> _Records shown_:
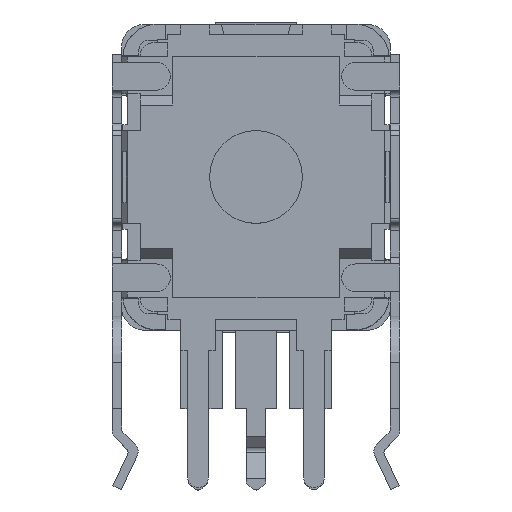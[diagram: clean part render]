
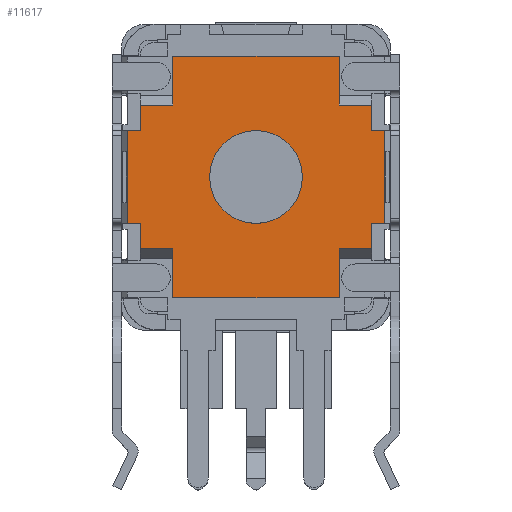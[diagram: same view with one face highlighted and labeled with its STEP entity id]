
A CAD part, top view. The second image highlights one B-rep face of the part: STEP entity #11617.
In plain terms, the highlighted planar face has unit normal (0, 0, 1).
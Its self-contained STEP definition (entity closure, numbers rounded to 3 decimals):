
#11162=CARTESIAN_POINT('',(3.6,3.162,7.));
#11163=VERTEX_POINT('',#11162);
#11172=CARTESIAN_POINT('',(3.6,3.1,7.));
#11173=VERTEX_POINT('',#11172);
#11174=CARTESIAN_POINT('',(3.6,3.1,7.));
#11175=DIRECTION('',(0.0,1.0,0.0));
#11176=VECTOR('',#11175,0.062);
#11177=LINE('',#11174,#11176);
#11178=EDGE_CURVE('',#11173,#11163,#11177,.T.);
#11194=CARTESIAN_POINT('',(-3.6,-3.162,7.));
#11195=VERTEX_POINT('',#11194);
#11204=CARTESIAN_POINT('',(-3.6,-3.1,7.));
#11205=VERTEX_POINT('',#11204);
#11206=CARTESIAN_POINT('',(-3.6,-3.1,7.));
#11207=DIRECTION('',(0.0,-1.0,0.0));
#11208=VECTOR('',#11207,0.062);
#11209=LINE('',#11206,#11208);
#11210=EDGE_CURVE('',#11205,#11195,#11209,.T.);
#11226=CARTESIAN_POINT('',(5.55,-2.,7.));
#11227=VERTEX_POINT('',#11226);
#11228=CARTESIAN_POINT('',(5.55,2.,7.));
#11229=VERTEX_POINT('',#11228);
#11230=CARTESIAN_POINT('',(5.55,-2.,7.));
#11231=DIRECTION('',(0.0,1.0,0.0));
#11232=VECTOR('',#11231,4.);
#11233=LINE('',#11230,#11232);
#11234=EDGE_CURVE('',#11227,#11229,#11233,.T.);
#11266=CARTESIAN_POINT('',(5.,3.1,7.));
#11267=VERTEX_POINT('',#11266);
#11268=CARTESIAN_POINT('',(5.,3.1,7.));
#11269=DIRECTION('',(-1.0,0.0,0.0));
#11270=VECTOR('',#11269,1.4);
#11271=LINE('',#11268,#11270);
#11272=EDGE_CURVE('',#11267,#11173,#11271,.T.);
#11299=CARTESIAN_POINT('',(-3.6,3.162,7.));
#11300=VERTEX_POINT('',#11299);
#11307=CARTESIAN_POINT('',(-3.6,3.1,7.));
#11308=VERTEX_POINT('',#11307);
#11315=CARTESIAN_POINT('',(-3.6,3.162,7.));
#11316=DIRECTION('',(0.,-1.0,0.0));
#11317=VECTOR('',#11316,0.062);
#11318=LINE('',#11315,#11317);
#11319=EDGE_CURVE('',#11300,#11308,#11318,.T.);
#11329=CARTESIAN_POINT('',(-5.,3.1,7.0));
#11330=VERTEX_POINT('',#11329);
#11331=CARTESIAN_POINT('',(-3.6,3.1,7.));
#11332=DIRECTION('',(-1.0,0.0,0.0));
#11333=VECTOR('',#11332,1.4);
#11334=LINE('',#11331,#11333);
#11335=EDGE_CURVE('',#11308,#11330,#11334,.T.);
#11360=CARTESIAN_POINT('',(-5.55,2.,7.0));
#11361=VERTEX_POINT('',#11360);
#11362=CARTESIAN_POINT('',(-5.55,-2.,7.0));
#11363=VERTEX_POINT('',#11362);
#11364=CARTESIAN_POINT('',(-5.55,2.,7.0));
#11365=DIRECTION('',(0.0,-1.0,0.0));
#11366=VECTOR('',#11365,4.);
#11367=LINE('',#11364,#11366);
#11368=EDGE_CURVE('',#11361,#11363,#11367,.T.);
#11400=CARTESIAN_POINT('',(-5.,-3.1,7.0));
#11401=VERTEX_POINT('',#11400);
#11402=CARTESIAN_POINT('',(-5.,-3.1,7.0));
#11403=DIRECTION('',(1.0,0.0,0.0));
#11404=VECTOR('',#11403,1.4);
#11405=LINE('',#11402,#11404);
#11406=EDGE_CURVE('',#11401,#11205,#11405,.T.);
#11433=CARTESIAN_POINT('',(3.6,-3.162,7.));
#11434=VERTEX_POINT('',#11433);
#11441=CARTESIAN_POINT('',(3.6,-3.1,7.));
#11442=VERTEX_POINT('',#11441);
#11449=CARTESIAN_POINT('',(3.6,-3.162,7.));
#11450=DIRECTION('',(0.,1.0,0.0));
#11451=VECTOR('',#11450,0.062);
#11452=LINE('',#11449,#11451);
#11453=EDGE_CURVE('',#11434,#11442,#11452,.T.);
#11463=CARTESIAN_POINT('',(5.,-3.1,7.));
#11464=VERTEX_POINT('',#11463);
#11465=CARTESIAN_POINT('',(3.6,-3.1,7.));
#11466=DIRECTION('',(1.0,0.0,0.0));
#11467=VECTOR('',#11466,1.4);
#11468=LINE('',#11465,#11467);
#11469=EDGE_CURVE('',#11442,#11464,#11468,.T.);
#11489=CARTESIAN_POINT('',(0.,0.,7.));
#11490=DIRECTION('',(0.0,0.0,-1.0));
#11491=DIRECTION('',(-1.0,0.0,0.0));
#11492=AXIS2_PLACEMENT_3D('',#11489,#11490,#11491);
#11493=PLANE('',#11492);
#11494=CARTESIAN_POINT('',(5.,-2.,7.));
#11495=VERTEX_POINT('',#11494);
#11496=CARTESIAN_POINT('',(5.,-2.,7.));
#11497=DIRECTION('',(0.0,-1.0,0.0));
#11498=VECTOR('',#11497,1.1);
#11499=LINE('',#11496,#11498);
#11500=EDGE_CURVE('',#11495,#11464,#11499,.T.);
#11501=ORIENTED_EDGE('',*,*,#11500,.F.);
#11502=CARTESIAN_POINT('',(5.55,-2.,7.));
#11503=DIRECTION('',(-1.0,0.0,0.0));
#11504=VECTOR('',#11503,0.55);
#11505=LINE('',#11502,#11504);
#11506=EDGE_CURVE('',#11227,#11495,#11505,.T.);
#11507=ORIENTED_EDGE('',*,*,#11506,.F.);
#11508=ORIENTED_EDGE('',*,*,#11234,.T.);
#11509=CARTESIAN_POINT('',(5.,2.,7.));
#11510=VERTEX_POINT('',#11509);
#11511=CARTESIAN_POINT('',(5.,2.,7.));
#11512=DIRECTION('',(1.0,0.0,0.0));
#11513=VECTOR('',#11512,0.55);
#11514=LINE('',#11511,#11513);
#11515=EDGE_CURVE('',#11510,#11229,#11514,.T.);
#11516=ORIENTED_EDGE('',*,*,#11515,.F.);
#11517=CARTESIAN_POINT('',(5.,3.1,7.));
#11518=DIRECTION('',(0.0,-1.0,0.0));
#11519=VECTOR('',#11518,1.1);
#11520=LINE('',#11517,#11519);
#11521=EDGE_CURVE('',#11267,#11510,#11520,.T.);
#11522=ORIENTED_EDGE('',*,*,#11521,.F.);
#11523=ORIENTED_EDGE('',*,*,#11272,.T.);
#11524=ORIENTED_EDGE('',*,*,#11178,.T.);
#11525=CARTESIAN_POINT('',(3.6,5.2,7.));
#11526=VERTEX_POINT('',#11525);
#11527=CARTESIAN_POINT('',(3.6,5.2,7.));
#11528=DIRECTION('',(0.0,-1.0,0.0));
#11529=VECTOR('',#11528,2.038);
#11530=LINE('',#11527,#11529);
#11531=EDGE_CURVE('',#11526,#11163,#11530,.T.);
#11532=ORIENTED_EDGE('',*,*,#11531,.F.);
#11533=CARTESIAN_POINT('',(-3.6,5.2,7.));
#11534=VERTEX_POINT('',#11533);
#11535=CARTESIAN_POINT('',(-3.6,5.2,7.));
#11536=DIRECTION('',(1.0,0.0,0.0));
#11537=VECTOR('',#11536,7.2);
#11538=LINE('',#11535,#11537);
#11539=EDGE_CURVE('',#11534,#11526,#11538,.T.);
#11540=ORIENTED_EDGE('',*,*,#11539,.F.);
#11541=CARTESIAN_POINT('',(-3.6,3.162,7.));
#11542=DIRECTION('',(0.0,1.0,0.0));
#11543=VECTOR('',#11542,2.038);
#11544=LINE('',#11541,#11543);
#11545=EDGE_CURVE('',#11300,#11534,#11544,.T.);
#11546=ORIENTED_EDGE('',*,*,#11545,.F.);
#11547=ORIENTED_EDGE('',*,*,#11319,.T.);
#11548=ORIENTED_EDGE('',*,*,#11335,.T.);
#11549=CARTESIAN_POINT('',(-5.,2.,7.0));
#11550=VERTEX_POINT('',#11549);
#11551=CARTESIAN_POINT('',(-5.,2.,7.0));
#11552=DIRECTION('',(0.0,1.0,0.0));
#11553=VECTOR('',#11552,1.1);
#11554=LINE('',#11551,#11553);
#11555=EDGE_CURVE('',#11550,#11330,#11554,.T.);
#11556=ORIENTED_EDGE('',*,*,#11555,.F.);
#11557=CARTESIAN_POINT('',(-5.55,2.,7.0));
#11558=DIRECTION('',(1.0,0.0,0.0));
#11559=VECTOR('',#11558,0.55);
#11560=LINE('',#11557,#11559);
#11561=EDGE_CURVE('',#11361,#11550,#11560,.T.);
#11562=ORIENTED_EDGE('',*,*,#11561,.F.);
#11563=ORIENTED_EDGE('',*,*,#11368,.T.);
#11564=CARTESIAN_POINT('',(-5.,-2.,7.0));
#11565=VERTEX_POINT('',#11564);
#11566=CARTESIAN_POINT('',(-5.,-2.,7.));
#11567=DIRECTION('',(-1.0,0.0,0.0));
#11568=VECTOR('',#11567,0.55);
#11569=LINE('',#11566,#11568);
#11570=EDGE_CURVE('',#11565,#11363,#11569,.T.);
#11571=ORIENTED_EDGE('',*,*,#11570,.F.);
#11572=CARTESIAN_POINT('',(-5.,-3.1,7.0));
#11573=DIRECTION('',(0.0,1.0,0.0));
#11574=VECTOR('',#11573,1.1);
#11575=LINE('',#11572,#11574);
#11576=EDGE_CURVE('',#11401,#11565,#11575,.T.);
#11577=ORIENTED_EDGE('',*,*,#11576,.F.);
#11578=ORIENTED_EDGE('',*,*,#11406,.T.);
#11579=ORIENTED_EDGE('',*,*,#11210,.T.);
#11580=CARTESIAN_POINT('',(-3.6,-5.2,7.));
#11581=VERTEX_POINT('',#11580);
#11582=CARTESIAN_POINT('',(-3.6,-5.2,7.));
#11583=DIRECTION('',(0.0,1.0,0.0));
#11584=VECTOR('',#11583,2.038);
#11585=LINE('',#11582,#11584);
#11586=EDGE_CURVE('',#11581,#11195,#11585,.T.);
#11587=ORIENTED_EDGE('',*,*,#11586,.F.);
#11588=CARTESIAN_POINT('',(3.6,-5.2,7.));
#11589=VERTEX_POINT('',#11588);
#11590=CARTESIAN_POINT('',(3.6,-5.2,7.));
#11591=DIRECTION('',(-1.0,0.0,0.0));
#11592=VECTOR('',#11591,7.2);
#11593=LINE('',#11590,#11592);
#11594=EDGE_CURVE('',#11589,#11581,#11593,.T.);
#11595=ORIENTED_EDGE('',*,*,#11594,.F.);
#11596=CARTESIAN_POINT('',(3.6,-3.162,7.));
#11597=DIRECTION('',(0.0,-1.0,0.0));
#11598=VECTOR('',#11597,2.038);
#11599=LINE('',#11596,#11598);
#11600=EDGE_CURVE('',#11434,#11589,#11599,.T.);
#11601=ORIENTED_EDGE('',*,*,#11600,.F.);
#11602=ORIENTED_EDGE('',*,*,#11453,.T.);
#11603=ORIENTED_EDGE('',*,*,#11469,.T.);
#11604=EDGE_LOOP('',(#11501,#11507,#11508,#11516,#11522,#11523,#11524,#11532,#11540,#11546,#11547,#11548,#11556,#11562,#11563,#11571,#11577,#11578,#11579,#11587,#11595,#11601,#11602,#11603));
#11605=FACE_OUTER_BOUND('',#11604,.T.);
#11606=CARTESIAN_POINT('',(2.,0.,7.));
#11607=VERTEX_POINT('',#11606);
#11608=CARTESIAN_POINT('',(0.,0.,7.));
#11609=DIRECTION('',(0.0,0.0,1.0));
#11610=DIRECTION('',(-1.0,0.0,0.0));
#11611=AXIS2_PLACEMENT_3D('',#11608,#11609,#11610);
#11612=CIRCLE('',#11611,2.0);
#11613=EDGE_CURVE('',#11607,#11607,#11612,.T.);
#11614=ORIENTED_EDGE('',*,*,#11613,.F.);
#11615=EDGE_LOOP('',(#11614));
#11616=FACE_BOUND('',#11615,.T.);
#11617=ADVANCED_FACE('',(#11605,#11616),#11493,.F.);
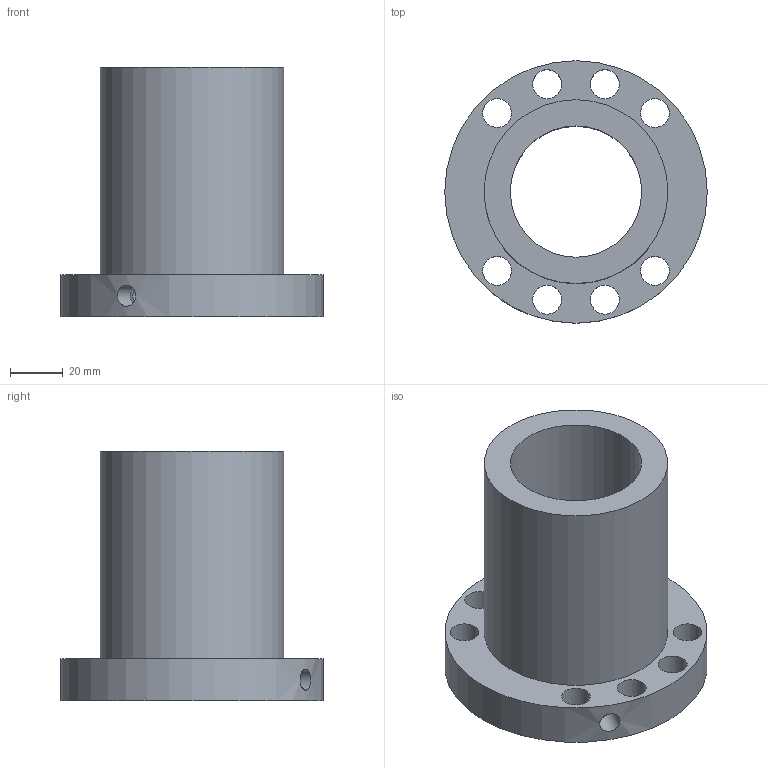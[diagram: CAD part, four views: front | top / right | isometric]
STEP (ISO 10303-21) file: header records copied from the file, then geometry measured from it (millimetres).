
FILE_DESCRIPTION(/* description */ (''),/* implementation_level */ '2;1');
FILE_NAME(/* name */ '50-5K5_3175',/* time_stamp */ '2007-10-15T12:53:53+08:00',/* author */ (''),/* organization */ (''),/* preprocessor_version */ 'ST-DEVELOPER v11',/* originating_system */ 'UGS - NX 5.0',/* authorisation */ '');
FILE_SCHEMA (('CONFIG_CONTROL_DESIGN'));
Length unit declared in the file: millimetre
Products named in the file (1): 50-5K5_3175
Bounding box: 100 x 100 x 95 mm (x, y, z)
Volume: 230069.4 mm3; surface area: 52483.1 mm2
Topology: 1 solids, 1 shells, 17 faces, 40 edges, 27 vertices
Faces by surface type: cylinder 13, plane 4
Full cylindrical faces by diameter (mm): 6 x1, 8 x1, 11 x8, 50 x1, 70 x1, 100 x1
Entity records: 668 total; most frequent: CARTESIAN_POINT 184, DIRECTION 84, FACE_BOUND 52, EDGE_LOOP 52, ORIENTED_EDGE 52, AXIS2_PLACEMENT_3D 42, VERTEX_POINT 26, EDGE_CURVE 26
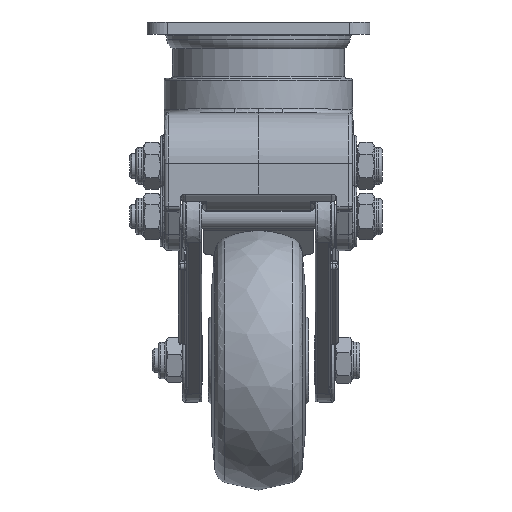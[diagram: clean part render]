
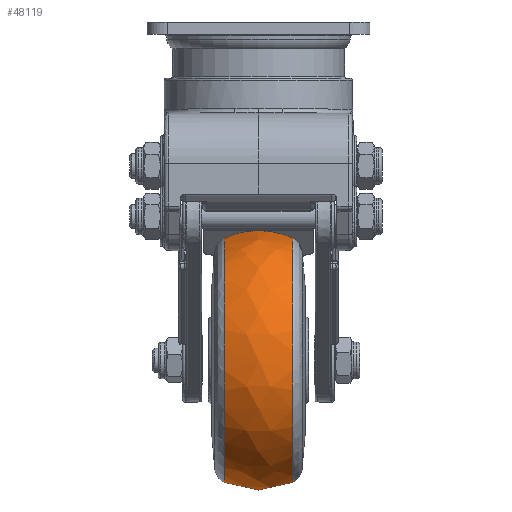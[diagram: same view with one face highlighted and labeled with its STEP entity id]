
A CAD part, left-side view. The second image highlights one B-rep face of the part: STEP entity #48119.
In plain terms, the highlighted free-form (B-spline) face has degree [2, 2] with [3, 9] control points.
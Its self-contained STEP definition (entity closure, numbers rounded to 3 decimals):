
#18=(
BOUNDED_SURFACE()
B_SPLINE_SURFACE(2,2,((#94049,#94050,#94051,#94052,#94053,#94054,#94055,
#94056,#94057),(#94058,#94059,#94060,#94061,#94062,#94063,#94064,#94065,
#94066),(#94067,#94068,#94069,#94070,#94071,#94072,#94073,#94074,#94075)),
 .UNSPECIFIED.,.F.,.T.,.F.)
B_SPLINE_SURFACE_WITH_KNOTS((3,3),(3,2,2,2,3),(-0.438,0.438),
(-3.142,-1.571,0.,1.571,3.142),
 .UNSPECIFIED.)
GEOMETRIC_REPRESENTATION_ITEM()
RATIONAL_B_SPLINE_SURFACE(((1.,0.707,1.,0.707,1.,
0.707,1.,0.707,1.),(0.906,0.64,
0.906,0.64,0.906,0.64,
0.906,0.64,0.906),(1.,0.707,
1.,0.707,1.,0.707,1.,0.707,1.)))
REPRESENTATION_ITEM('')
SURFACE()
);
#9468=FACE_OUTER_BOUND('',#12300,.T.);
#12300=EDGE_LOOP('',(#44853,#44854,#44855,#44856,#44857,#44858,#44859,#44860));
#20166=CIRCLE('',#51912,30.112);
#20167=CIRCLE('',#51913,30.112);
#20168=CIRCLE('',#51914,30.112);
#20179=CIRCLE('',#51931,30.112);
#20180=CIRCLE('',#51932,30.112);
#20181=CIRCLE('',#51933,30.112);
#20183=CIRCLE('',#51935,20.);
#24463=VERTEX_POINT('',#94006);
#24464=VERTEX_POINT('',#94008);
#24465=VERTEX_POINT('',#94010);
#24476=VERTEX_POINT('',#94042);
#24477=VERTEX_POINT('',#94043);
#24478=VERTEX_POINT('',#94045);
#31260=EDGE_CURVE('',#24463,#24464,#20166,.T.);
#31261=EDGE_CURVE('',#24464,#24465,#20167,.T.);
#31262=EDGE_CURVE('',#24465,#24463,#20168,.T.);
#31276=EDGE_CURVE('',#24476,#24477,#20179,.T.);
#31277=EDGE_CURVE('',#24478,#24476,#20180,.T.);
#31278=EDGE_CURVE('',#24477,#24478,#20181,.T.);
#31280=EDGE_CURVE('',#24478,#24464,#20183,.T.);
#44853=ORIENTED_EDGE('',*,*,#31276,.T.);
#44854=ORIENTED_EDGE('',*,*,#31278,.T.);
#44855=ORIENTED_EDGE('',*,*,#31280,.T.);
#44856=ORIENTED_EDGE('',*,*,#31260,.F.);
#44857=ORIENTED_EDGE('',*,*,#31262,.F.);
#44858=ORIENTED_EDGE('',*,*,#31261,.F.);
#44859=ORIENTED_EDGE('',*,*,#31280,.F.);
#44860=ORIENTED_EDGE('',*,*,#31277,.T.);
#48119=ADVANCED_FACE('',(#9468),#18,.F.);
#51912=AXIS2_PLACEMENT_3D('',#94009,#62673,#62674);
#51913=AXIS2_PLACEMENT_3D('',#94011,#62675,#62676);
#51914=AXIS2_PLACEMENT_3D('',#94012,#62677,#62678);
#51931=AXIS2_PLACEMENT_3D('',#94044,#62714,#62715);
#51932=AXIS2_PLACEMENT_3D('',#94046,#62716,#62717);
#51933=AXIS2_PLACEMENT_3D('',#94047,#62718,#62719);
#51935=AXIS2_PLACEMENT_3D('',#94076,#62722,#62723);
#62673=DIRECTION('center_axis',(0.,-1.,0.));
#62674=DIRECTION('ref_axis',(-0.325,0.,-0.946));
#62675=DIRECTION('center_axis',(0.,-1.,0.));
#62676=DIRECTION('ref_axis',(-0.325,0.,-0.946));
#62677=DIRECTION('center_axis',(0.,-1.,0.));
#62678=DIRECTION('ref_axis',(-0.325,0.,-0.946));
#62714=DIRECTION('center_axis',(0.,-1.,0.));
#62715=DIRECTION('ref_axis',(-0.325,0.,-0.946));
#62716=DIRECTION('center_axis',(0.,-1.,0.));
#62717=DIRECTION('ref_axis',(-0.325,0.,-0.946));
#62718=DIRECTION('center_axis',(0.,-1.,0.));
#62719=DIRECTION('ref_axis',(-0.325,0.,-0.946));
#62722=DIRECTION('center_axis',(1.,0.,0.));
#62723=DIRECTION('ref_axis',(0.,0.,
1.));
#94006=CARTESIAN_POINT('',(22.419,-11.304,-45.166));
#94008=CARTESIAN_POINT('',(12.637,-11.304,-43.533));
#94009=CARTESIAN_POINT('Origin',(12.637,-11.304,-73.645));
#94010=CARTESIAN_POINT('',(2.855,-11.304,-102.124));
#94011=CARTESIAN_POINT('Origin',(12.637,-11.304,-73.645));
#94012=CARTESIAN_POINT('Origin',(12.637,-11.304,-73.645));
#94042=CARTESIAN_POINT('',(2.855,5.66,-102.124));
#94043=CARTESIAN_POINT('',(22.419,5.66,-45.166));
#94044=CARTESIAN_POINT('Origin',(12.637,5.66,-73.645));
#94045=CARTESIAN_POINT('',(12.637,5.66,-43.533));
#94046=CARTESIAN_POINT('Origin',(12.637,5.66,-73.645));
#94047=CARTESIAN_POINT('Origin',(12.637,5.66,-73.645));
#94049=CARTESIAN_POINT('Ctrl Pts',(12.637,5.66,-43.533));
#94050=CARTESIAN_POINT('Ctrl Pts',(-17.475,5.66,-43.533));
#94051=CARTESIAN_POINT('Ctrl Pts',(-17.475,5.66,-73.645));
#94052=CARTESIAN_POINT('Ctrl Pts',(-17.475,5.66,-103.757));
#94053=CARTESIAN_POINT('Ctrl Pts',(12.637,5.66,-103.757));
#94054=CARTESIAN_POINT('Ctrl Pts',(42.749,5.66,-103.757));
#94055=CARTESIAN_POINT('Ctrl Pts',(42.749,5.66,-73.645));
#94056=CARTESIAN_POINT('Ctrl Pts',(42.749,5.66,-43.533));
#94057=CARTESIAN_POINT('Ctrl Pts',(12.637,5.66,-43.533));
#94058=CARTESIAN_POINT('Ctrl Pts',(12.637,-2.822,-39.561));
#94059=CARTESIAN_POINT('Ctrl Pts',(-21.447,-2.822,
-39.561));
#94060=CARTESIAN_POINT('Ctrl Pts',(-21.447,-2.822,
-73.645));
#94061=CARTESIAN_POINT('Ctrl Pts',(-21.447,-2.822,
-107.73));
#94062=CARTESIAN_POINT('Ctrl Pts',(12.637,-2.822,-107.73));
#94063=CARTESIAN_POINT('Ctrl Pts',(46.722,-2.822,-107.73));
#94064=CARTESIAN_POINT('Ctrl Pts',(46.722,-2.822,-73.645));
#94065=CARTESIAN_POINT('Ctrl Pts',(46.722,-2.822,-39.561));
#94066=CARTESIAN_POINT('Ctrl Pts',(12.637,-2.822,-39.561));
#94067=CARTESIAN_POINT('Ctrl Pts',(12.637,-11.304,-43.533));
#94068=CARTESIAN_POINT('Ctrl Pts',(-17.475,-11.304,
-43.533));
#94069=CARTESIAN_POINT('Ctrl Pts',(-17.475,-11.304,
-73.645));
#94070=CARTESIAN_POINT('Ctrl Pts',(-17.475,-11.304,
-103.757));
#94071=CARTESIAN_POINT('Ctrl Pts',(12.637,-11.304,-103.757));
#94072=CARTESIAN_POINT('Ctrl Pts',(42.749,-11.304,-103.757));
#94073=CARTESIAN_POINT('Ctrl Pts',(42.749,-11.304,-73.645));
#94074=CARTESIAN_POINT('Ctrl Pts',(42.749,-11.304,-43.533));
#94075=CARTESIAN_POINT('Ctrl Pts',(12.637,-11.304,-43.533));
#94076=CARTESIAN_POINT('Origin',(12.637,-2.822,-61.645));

> _Task requirements_: Print only the lines from the opening line of the listing to the line containing "#11194=CARTESIAN_POINT('',(-3.6,-3.162,7.));", inclusive, exactly as they appear and without pictures.

> _Result of this task_:
[diagram: clean part render]
[diagram: same view with one face highlighted and labeled with its STEP entity id]
A CAD part, top view. The second image highlights one B-rep face of the part: STEP entity #11617.
In plain terms, the highlighted planar face has unit normal (0, 0, 1).
Its self-contained STEP definition (entity closure, numbers rounded to 3 decimals):
#11162=CARTESIAN_POINT('',(3.6,3.162,7.));
#11163=VERTEX_POINT('',#11162);
#11172=CARTESIAN_POINT('',(3.6,3.1,7.));
#11173=VERTEX_POINT('',#11172);
#11174=CARTESIAN_POINT('',(3.6,3.1,7.));
#11175=DIRECTION('',(0.0,1.0,0.0));
#11176=VECTOR('',#11175,0.062);
#11177=LINE('',#11174,#11176);
#11178=EDGE_CURVE('',#11173,#11163,#11177,.T.);
#11194=CARTESIAN_POINT('',(-3.6,-3.162,7.));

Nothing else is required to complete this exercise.